Nem sempre foi assim. Por vezes foi difícil descobrir quem era. Em Loulé, crescer trigémea dificultou-lhe a individualidade. Nem a vinda para Lisboa, para estudar Serviço Social, vivendo num lar de freiras doroteias, ajudou.
Uma ida a Taizé, uma comunidade religiosa no Sul de França, com perto de vinte anos, mudou a vida dela. Alexa conheceu a primeira namorada. “Fomos impelidas uma para a outra. Foi aquele ‘woo, isto é mesmo real’, recorda. O amor deu lugar à incerteza: “Queria muito perceber-me. Ninguém à minha volta era lésbica. Não sabia ser.”
Foi assim que se juntou à rede ex aequo, uma organização de jovens lgbti+. Na rede, Alexa passou a dar formações em escolas e a descobrir mais sobre ela própria.
Ao fazê-lo e vivê-lo, Alexa deparou-se com o preconceito, a agressão e os perigos que ainda persistem em Portugal. “Uma vez, à saída do Bairro Alto, estava sentada com uma mulher, a conversar”, conta. “Um homem vinha de mota e começou a insultar-nos. Saiu para nos bater. Havia gente a ver e ninguém fez nada.”

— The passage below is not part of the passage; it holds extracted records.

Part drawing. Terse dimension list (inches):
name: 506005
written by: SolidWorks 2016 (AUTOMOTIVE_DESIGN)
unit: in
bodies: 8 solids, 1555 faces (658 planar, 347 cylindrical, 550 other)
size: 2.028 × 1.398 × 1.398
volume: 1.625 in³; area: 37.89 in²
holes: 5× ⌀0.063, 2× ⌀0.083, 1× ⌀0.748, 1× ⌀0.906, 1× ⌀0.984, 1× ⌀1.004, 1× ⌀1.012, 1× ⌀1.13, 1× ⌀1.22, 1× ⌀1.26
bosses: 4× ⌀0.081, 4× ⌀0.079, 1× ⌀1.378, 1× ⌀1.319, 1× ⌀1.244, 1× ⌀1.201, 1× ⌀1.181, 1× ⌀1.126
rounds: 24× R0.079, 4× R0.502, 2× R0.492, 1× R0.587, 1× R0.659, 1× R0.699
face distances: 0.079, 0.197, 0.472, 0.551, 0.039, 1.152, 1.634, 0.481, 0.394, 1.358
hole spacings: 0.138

Por isso Alexa faz parte da organização da Marcha LGBTI+ – e do Clube Safo. Marcha porque sabe a importância da visibilidade: “Não é em casa que existimos. Não somos plenos em quatro paredes. Há marchas em sítios tão remotos como a Covilhã e Bragança e começa a ser inegável que existimos”.
O combate ao medo e à segregação é dos principais objetivos da Marcha do Orgulho LGBTI+. Foi justamente a partir do Clube Safo que se fez a primeira Marcha em Portugal, no ano de 2000. “Uma lésbica um dia lembrou-se ‘vamos sair da penumbra’. Houve uma reunião com vários coletivos e decidiram ocupar o Marquês de Pombal”, conta.
No fim, “é uma coisa benéfica para todos. A liberdade não é como uma fatia de bolo – se tirares uma ficas sem um bocado. Quanto mais liberdade temos, mais o bolo cresce”.
A marcha acontece todos os anos em junho, mês do orgulho LGBTI+. Tudo começou em Nova Iorque, em 1969, depois das intervenções policiais violentas num dos principais bares da comunidade, o Stonewall Inn.
O movimento de revolta e de procura de visibilidade espalhou-se por todo o lado, a partir de 1970. Assim explica Arnaud Gautier-Fawas, representante da organização francesa Inter-LGBT.
Para a semana, há Marcha do Orgulho LGBTI+ em Paris, mas Arnaud não quis perder a oportunidade de participar em Lisboa, tendo organizado uma exposição no Príncipe Real sobre a história da marcha parisiense.
“Somos uns sortudos por marchar. Há tanta gente que em 2022 não pode fazê-lo”, diz. “Não é preciso ir longe. Isso acontece na Europa de Leste – na Hungria, na Polónia, na Ucrânia, na Rússia.”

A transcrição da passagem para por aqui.